An intelligent agent models after basic
functions of human minds. It includes a set of
beliefs and goals, a world model which has a set
of parameter variables, a set of primitive actions
it can take, a planning module and a reasoning
module. For the agent to think and act, there
must be a world where the agent exists. This
agent world is a simplified model of the real
world. This agent world is actually a list of
parameters where each parameter reflects some
property of the real world. At a specific time,
the parameters take specific values and the agent
is said to be in a specific world state. Like
human, the agent has its own beliefs: which
world states are good, which world states are
bad, and what kind of ideal world states the
agent should pursue. Once the agent decides the
current goals, it will generate a plan to achieve
these goals. A plan is simply a list of primitive
action sequences. Each primitive action will have
some prerequisites and cause some parameters in
the world state to change. An agent also has
reasoning ability. The agent can discover new
conclusions from current knowledge.
A spoken dialog system should understand
what the user says and generate correct speech
responses.
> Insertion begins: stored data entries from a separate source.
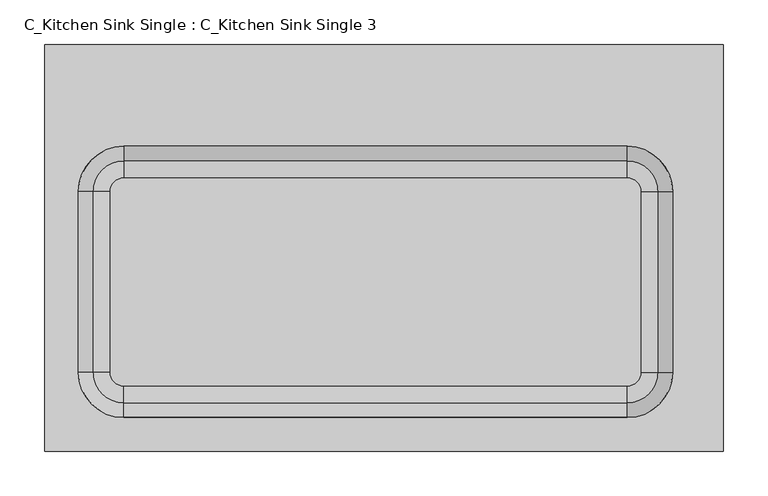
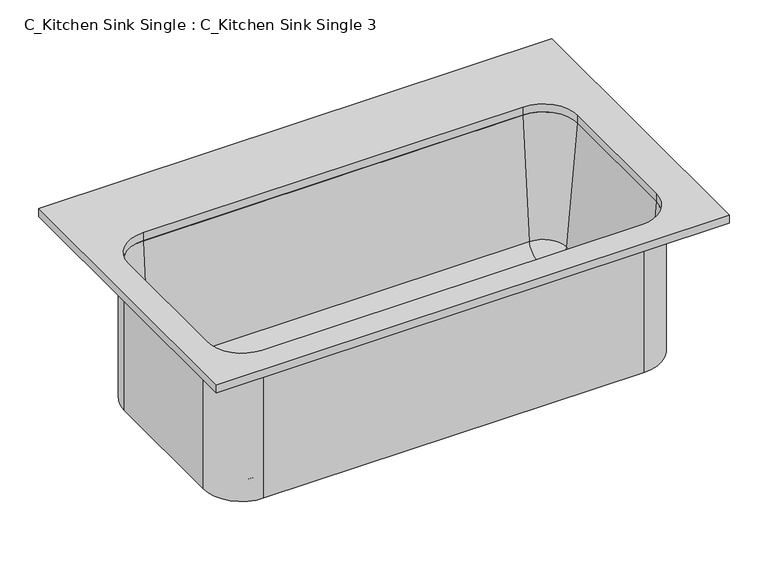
"""IFC4 building model written with IfcOpenShell, lengths in millimetres: flow terminal geometry, C_Kitchen Sink Single : C_Kitchen Sink Single 3."""

from ifc_helpers import new_model, si_unit, point, frame, frame_2d, origin, origin_with_axes, place, context, project, spatial, polyline, circle_curve, ellipse_curve, trimmed, segment, composite_curve, outline, extrude, source, transform, mapped, element, save
from ifc_brep_helpers import plane_surface, cylinder_surface, revolved_surface, advanced_brep


def c_kitchen_sink_single_c_kitchen_sink_single_3_226f43ff(model_context):
    return source(origin(), model_context, "Body", "SolidModel", [
        advanced_brep(
        [(-38.8723412, 65.8454011, -206.375), (-54.1607594, 81.1338193, -206.375), (-619.3107594, 81.1338193, -206.375), (-634.5991776, 65.8454011, -206.375), (-634.5991776, -137.3545989, -206.375), (-619.3107594, -152.6430171, -206.375), (-54.1607594, -152.6430171, -206.375), (-38.8723412, -137.3545989, -206.375), (-676.4607594, 65.8454011, -215.9), (-619.3107594, 122.9954011, -215.9), (-54.1607594, 122.9954011, -215.9), (2.9892406, 65.8454011, -215.9), (2.9892406, -137.3545989, -215.9), (-54.1607594, -194.5045989, -215.9), (-619.3107594, -194.5045989, -215.9), (-676.4607594, -137.3545989, -215.9), (-54.1607594, 122.9954011, 0.0), (2.9892406, 65.8454011, 0.0), (-19.8948322, 65.8454011, -188.9853169), (-54.1607594, 100.1113283, -188.9853169), (-3.3607594, 65.8454011, 0.0), (-54.1607594, 116.6454011, 0.0), (2.9892406, -137.3545989, 0.0), (-19.8948322, -137.3545989, -188.9853169), (-3.3607594, -137.3545989, 0.0), (-54.1607594, -194.5045989, 0.0), (-54.1607594, -171.6205261, -188.9853169), (-54.1607594, -188.1545989, 0.0), (-619.3107594, -194.5045989, 0.0), (-619.3107594, -171.6205261, -188.9853169), (-619.3107594, -188.1545989, 0.0), (-676.4607594, -137.3545989, 0.0), (-653.5766866, -137.3545989, -188.9853169), (-670.1107594, -137.3545989, 0.0), (-676.4607594, 65.8454011, 0.0), (-653.5766866, 65.8454011, -188.9853169), (-670.1107594, 65.8454011, 0.0), (-619.3107594, 122.9954011, 0.0), (-619.3107594, 100.1113283, -188.9853169), (-619.3107594, 116.6454011, 0.0)],
        [
            (0, 1, circle_curve(frame((-54.1607594, 65.8454011, -206.375), z_axis=(0.0, 0.0, 1.0), x_axis=(0.0, 1.0, 0.0)), 15.2884182)),
            (1, 2),
            (2, 3, circle_curve(frame((-619.3107594, 65.8454011, -206.375), z_axis=(0.0, 0.0, 1.0), x_axis=(-1.0, 0.0, 0.0)), 15.2884182)),
            (3, 4),
            (4, 5, circle_curve(frame((-619.3107594, -137.3545989, -206.375), z_axis=(0.0, 0.0, 1.0), x_axis=(0.0, -1.0, 0.0)), 15.2884182)),
            (5, 6),
            (6, 7, circle_curve(frame((-54.1607594, -137.3545989, -206.375), z_axis=(0.0, 0.0, 1.0), x_axis=(1.0, 0.0, 0.0)), 15.2884182)),
            (7, 0),
            (8, 9, circle_curve(frame((-619.3107594, 65.8454011, -215.9), z_axis=(0.0, 0.0, -1.0), x_axis=(-1.0, 0.0, 0.0)), 57.15)),
            (9, 10),
            (10, 11, circle_curve(frame((-54.1607594, 65.8454011, -215.9), z_axis=(0.0, 0.0, -1.0), x_axis=(0.0, 1.0, 0.0)), 57.15)),
            (11, 12),
            (12, 13, circle_curve(frame((-54.1607594, -137.3545989, -215.9), z_axis=(0.0, 0.0, -1.0), x_axis=(1.0, 0.0, 0.0)), 57.15)),
            (13, 14),
            (14, 15, circle_curve(frame((-619.3107594, -137.3545989, -215.9), z_axis=(0.0, 0.0, -1.0), x_axis=(0.0, -1.0, 0.0)), 57.15)),
            (15, 8),
            (10, 16),
            (16, 17, circle_curve(frame((-54.1607594, 65.8454011, 0.0), z_axis=(0.0, 0.0, -1.0), x_axis=(0.0, 1.0, 0.0)), 57.15)),
            (17, 11),
            (0, 18, circle_curve(frame((-38.8723412, 65.8454011, -187.325), z_axis=(0.0, -1.0, 0.0), x_axis=(1.0, 0.0, 0.0)), 19.05)),
            (18, 19, circle_curve(frame((-54.1607594, 65.8454011, -188.9853169), z_axis=(0.0, 0.0, 1.0), x_axis=(0.0, 1.0, 0.0)), 34.2659272)),
            (19, 1, circle_curve(frame((-54.1607594, 81.1338193, -187.325), z_axis=(-1.0, 0.0, 0.0), x_axis=(0.0, 1.0, 0.0)), 19.05)),
            (18, 20),
            (20, 21, circle_curve(frame((-54.1607594, 65.8454011, 0.0), z_axis=(0.0, 0.0, 1.0), x_axis=(0.0, 1.0, 0.0)), 50.8)),
            (21, 19),
            (16, 21),
            (20, 17),
            (17, 22),
            (22, 12),
            (7, 23, circle_curve(frame((-38.8723412, -137.3545989, -187.325), z_axis=(0.0, -1.0, 0.0), x_axis=(1.0, 0.0, 0.0)), 19.05)),
            (23, 18),
            (23, 24),
            (24, 20),
            (24, 22),
            (22, 25, circle_curve(frame((-54.1607594, -137.3545989, 0.0), z_axis=(0.0, 0.0, -1.0), x_axis=(1.0, 0.0, 0.0)), 57.15)),
            (25, 13),
            (6, 26, circle_curve(frame((-54.1607594, -152.6430171, -187.325), z_axis=(-1.0, 0.0, 0.0), x_axis=(0.0, -1.0, 0.0)), 19.05)),
            (26, 23, circle_curve(frame((-54.1607594, -137.3545989, -188.9853169), z_axis=(0.0, 0.0, 1.0), x_axis=(1.0, 0.0, 0.0)), 34.2659272)),
            (26, 27),
            (27, 24, circle_curve(frame((-54.1607594, -137.3545989, 0.0), z_axis=(0.0, 0.0, 1.0), x_axis=(1.0, 0.0, 0.0)), 50.8)),
            (27, 25),
            (25, 28),
            (28, 14),
            (5, 29, circle_curve(frame((-619.3107594, -152.6430171, -187.325), z_axis=(-1.0, 0.0, 0.0), x_axis=(0.0, -1.0, 0.0)), 19.05)),
            (29, 26),
            (29, 30),
            (30, 27),
            (30, 28),
            (28, 31, circle_curve(frame((-619.3107594, -137.3545989, 0.0), z_axis=(0.0, 0.0, -1.0), x_axis=(0.0, -1.0, 0.0)), 57.15)),
            (31, 15),
            (4, 32, circle_curve(frame((-634.5991776, -137.3545989, -187.325), z_axis=(0.0, 1.0, 0.0), x_axis=(-1.0, 0.0, 0.0)), 19.05)),
            (32, 29, circle_curve(frame((-619.3107594, -137.3545989, -188.9853169), z_axis=(0.0, 0.0, 1.0), x_axis=(0.0, -1.0, 0.0)), 34.2659272)),
            (32, 33),
            (33, 30, circle_curve(frame((-619.3107594, -137.3545989, 0.0), z_axis=(0.0, 0.0, 1.0), x_axis=(0.0, -1.0, 0.0)), 50.8)),
            (33, 31),
            (31, 34),
            (34, 8),
            (3, 35, circle_curve(frame((-634.5991776, 65.8454011, -187.325), z_axis=(0.0, 1.0, 0.0), x_axis=(-1.0, 0.0, 0.0)), 19.05)),
            (35, 32),
            (35, 36),
            (36, 33),
            (36, 34),
            (34, 37, circle_curve(frame((-619.3107594, 65.8454011, 0.0), z_axis=(0.0, 0.0, -1.0), x_axis=(-1.0, 0.0, 0.0)), 57.15)),
            (37, 9),
            (2, 38, circle_curve(frame((-619.3107594, 81.1338193, -187.325), z_axis=(1.0, 0.0, 0.0), x_axis=(0.0, 1.0, 0.0)), 19.05)),
            (38, 35, circle_curve(frame((-619.3107594, 65.8454011, -188.9853169), z_axis=(0.0, 0.0, 1.0), x_axis=(-1.0, 0.0, 0.0)), 34.2659272)),
            (38, 39),
            (39, 36, circle_curve(frame((-619.3107594, 65.8454011, 0.0), z_axis=(0.0, 0.0, 1.0), x_axis=(-1.0, 0.0, 0.0)), 50.8)),
            (39, 37),
            (37, 16),
            (19, 38),
            (21, 39),
        ],
        [
            plane_surface(frame((-619.3107594, 78.5454011, -206.375), z_axis=(0.0, 0.0, 1.0), x_axis=(-1.0, 0.0, 0.0))),
            plane_surface(frame((-619.3107594, 78.5454011, -215.9), z_axis=(0.0, 0.0, -1.0), x_axis=(1.0, 0.0, 0.0))),
            cylinder_surface(frame((-54.1607594, 65.8454011, 0.0), z_axis=(0.0, 0.0, -1.0), x_axis=(0.0, 1.0, 0.0)), 57.15),
            revolved_surface(trimmed(ellipse_curve(frame((-54.1607594, 81.1338193, -187.325), z_axis=(1.0, 0.0, 0.0), x_axis=(0.0, 1.0, 0.0)), 19.05, 19.05), [point((-54.1607594, 81.1338193, -206.375))], [point((-54.1607594, 100.1113283, -188.9853169))], True, "CARTESIAN"), (-54.1607594, 65.8454011, 0.0), (0.0, 0.0, -1.0)),
            revolved_surface(polyline([(-54.1607594, 100.1113283, -188.9853169), (-54.1607594, 116.6454011, 0.0)]), (-54.1607594, 65.8454011, 0.0), (0.0, 0.0, -1.0)),
            plane_surface(frame((-54.1607594, 65.8454011, 0.0), z_axis=(0.0, 0.0, 1.0), x_axis=(0.0, 1.0, 0.0))),
            plane_surface(frame((2.9892406, 65.8454011, 0.0), z_axis=(1.0, 0.0, 0.0), x_axis=(0.0, -1.0, 0.0))),
            revolved_surface(polyline([(-19.8223412, -137.3545989, -187.325), (-19.8223412, 65.8454011, -187.325)]), (-38.8723412, 65.8454011, -187.325), (0.0, -1.0, 0.0)),
            plane_surface(frame((-19.8948322, 65.8454011, -188.9853169), z_axis=(-0.996194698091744, 0.0, 0.08715574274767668), x_axis=(0.0, -1.0, 0.0))),
            plane_surface(frame((-3.3607594, 65.8454011, 0.0), z_axis=(0.0, 0.0, 1.0), x_axis=(0.0, -1.0, 0.0))),
            cylinder_surface(frame((-54.1607594, -137.3545989, 0.0), z_axis=(0.0, 0.0, -1.0), x_axis=(1.0, 0.0, 0.0)), 57.15),
            revolved_surface(trimmed(ellipse_curve(frame((-38.8723412, -137.3545989, -187.325), z_axis=(0.0, -1.0, 0.0), x_axis=(1.0, 0.0, 0.0)), 19.05, 19.05), [point((-38.8723412, -137.3545989, -206.375))], [point((-19.8948322, -137.3545989, -188.9853169))], True, "CARTESIAN"), (-54.1607594, -137.3545989, 0.0), (0.0, 0.0, -1.0)),
            revolved_surface(polyline([(-19.8948322, -137.3545989, -188.9853169), (-3.3607594, -137.3545989, 0.0)]), (-54.1607594, -137.3545989, 0.0), (0.0, 0.0, -1.0)),
            plane_surface(frame((-54.1607594, -137.3545989, 0.0), z_axis=(0.0, 0.0, 1.0), x_axis=(1.0, 0.0, 0.0))),
            plane_surface(frame((-54.1607594, -194.5045989, 0.0), z_axis=(0.0, -1.0, 0.0), x_axis=(-1.0, 0.0, 0.0))),
            revolved_surface(polyline([(-619.3107594, -171.69301710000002, -187.325), (-54.1607594, -171.69301710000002, -187.325)]), (-54.1607594, -152.6430171, -187.325), (-1.0, 0.0, 0.0)),
            plane_surface(frame((-54.1607594, -171.6205261, -188.9853169), z_axis=(0.0, 0.996194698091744, 0.08715574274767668), x_axis=(-1.0, 0.0, 0.0))),
            plane_surface(frame((-54.1607594, -188.1545989, 0.0), z_axis=(0.0, 0.0, 1.0), x_axis=(-1.0, 0.0, 0.0))),
            cylinder_surface(frame((-619.3107594, -137.3545989, 0.0), z_axis=(0.0, 0.0, -1.0), x_axis=(0.0, -1.0, 0.0)), 57.15),
            revolved_surface(trimmed(ellipse_curve(frame((-619.3107594, -152.6430171, -187.325), z_axis=(-1.0, 0.0, 0.0), x_axis=(0.0, -1.0, 0.0)), 19.05, 19.05), [point((-619.3107594, -152.6430171, -206.375))], [point((-619.3107594, -171.6205261, -188.9853169))], True, "CARTESIAN"), (-619.3107594, -137.3545989, 0.0), (0.0, 0.0, -1.0)),
            revolved_surface(polyline([(-619.3107594, -171.6205261, -188.9853169), (-619.3107594, -188.1545989, 0.0)]), (-619.3107594, -137.3545989, 0.0), (0.0, 0.0, -1.0)),
            plane_surface(frame((-619.3107594, -137.3545989, 0.0), z_axis=(0.0, 0.0, 1.0), x_axis=(0.0, -1.0, 0.0))),
            plane_surface(frame((-676.4607594, -137.3545989, 0.0), z_axis=(-1.0, 0.0, 0.0), x_axis=(0.0, 1.0, 0.0))),
            revolved_surface(polyline([(-653.6491775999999, 65.8454011, -187.325), (-653.6491775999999, -137.3545989, -187.325)]), (-634.5991776, -137.3545989, -187.325), (0.0, 1.0, 0.0)),
            plane_surface(frame((-653.5766866, -137.3545989, -188.9853169), z_axis=(0.996194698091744, 0.0, 0.08715574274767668), x_axis=(0.0, 1.0, 0.0))),
            plane_surface(frame((-670.1107594, -137.3545989, 0.0), z_axis=(0.0, 0.0, 1.0), x_axis=(0.0, 1.0, 0.0))),
            cylinder_surface(frame((-619.3107594, 65.8454011, 0.0), z_axis=(0.0, 0.0, -1.0), x_axis=(-1.0, 0.0, 0.0)), 57.15),
            revolved_surface(trimmed(ellipse_curve(frame((-634.5991776, 65.8454011, -187.325), z_axis=(0.0, 1.0, 0.0), x_axis=(-1.0, 0.0, 0.0)), 19.05, 19.05), [point((-634.5991776, 65.8454011, -206.375))], [point((-653.5766866, 65.8454011, -188.9853169))], True, "CARTESIAN"), (-619.3107594, 65.8454011, 0.0), (0.0, 0.0, -1.0)),
            revolved_surface(polyline([(-653.5766866, 65.8454011, -188.9853169), (-670.1107594, 65.8454011, 0.0)]), (-619.3107594, 65.8454011, 0.0), (0.0, 0.0, -1.0)),
            plane_surface(frame((-619.3107594, 65.8454011, 0.0), z_axis=(0.0, 0.0, 1.0), x_axis=(-1.0, 0.0, 0.0))),
            plane_surface(frame((-619.3107594, 122.9954011, 0.0), z_axis=(0.0, 1.0, 0.0), x_axis=(1.0, 0.0, 0.0))),
            revolved_surface(polyline([(-54.16075939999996, 100.1838193, -187.325), (-619.3107594, 100.1838193, -187.325)]), (-619.3107594, 81.1338193, -187.325), (1.0, 0.0, 0.0)),
            plane_surface(frame((-619.3107594, 100.1113283, -188.9853169), z_axis=(0.0, -0.996194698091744, 0.08715574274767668), x_axis=(1.0, 0.0, 0.0))),
            plane_surface(frame((-619.3107594, 116.6454011, 0.0), z_axis=(0.0, 0.0, 1.0), x_axis=(1.0, 0.0, 0.0))),
        ],
        [
            (0, [[1, 2, 3, 4, 5, 6, 7, 8]]),
            (1, [[9, 10, 11, 12, 13, 14, 15, 16]]),
            (2, [[-11, 17, 18, 19]]),
            (3, [[-1, 20, 21, 22]]),
            (4, [[-21, 23, 24, 25]]),
            (5, [[-18, 26, -24, 27]]),
            (6, [[-19, 28, 29, -12]]),
            (7, [[-20, -8, 30, 31]]),
            (8, [[-23, -31, 32, 33]]),
            (9, [[-27, -33, 34, -28]]),
            (10, [[-29, 35, 36, -13]]),
            (11, [[-30, -7, 37, 38]]),
            (12, [[-32, -38, 39, 40]]),
            (13, [[-34, -40, 41, -35]]),
            (14, [[-36, 42, 43, -14]]),
            (15, [[-37, -6, 44, 45]]),
            (16, [[-39, -45, 46, 47]]),
            (17, [[-41, -47, 48, -42]]),
            (18, [[-43, 49, 50, -15]]),
            (19, [[-44, -5, 51, 52]]),
            (20, [[-46, -52, 53, 54]]),
            (21, [[-48, -54, 55, -49]]),
            (22, [[-50, 56, 57, -16]]),
            (23, [[-51, -4, 58, 59]]),
            (24, [[-53, -59, 60, 61]]),
            (25, [[-55, -61, 62, -56]]),
            (26, [[-57, 63, 64, -9]]),
            (27, [[-58, -3, 65, 66]]),
            (28, [[-60, -66, 67, 68]]),
            (29, [[-62, -68, 69, -63]]),
            (30, [[-17, -10, -64, 70]]),
            (31, [[-22, 71, -65, -2]]),
            (32, [[-25, 72, -67, -71]]),
            (33, [[-26, -70, -69, -72]]),
        ],
    ),
        extrude(outline(polyline([(53.7892406, 230.9454011), (53.7892406, -226.2545989), (-708.2107594, -226.2545989), (-708.2107594, 230.9454011), (53.7892406, 230.9454011)]), holes=[composite_curve([segment(polyline([(-54.1607594, 116.6454011), (-619.3107594, 116.6454011)]), True, "CONTINUOUS"), segment(trimmed(circle_curve(frame_2d((-619.3107594, 65.8454011)), 50.8), [point((-619.3107594, 116.6454011))], [point((-670.1107594, 65.8454011))], True, "CARTESIAN"), True, "CONTINUOUS"), segment(polyline([(-670.1107594, 65.8454011), (-670.1107594, -137.3545989)]), True, "CONTINUOUS"), segment(trimmed(circle_curve(frame_2d((-619.3107594, -137.3545989)), 50.8), [point((-670.1107594, -137.3545989))], [point((-619.3107594, -188.1545989))], True, "CARTESIAN"), True, "CONTINUOUS"), segment(polyline([(-619.3107594, -188.1545989), (-54.1607594, -188.1545989)]), True, "CONTINUOUS"), segment(trimmed(circle_curve(frame_2d((-54.1607594, -137.3545989)), 50.8), [point((-54.1607594, -188.1545989))], [point((-3.3607594, -137.3545989))], True, "CARTESIAN"), True, "CONTINUOUS"), segment(polyline([(-3.3607594, -137.3545989), (-3.3607594, 65.8454011)]), True, "CONTINUOUS"), segment(trimmed(circle_curve(frame_2d((-54.1607594, 65.8454011)), 50.8), [point((-3.3607594, 65.8454011))], [point((-54.1607594, 116.6454011))], True, "CARTESIAN"), True, "CONTINUOUS")], self_intersect=False)]), origin_with_axes(), (0.0, 0.0, 1.0), 12.7),
    ])


if __name__ == "__main__":
    model = new_model("IFC4")
    model_context = context("Model", 3, world=origin())
    ifc_project = project(units=[si_unit("LENGTHUNIT", "METRE", prefix="MILLI")], contexts=[model_context])
    site = spatial("IfcSite", under=ifc_project)
    building = spatial("IfcBuilding", under=site)
    placement = place(None, origin())
    c_kitchen_sink_single_c_kitchen_sink_single_3_shape = c_kitchen_sink_single_c_kitchen_sink_single_3_226f43ff(model_context)
    element("IfcFlowTerminal", 1, ObjectType="C_Kitchen Sink Single : C_Kitchen Sink Single 3", at=placement, inside=building, context=model_context, shape_type="MappedRepresentation", body=[
        mapped(c_kitchen_sink_single_c_kitchen_sink_single_3_shape, transform((0.0, 0.0, 0.0), x_axis=(1.0, 0.0, 0.0), y_axis=(0.0, 1.0, 0.0), z_axis=(0.0, 0.0, 1.0))),
    ])
    save(model, "model.ifc")

A spoken dialog system is composed
with a speech recognition engine, a syntax
analysis parser, an information extraction
module, a dialogue management module, and a
text-to-speech (TTS) engine. In our case, the
speech recognition engine is IBM ViaVoice.
The TTS engine is IBM ViaVoice Outloud. The
speech recognition engine transcribes sound
waves into text. Then the syntax parser parses
the text and generates a parsing tree. This
parsing tree, containing a rich information
extraction module, can do semantic and
pragmatic analysis and get the important
information using the semantic clues provided by
the parsing tree. However, the ability of this
type of information extraction is limited. In
order to increase the flexibility of the system,
people use semantic networks and ideas such as
finite state machine to cluster related words and
statistically model the input sentences. But the
improvements are very limited.
After the
messages are understood, correctly or not, the
dialogue management module uses various
pattern classification techniques to identify the
user’s intentions. A plan model is built for each
of such intentions. Using these plan models, the
system can decide whether to answer a question,
to accept a proposal, to ask a question, to give a
proposal, or to reject a proposal and give a
suggestion.
A response is then generated.
Current systems put focus on generating the
correct responses. This is absolutely important.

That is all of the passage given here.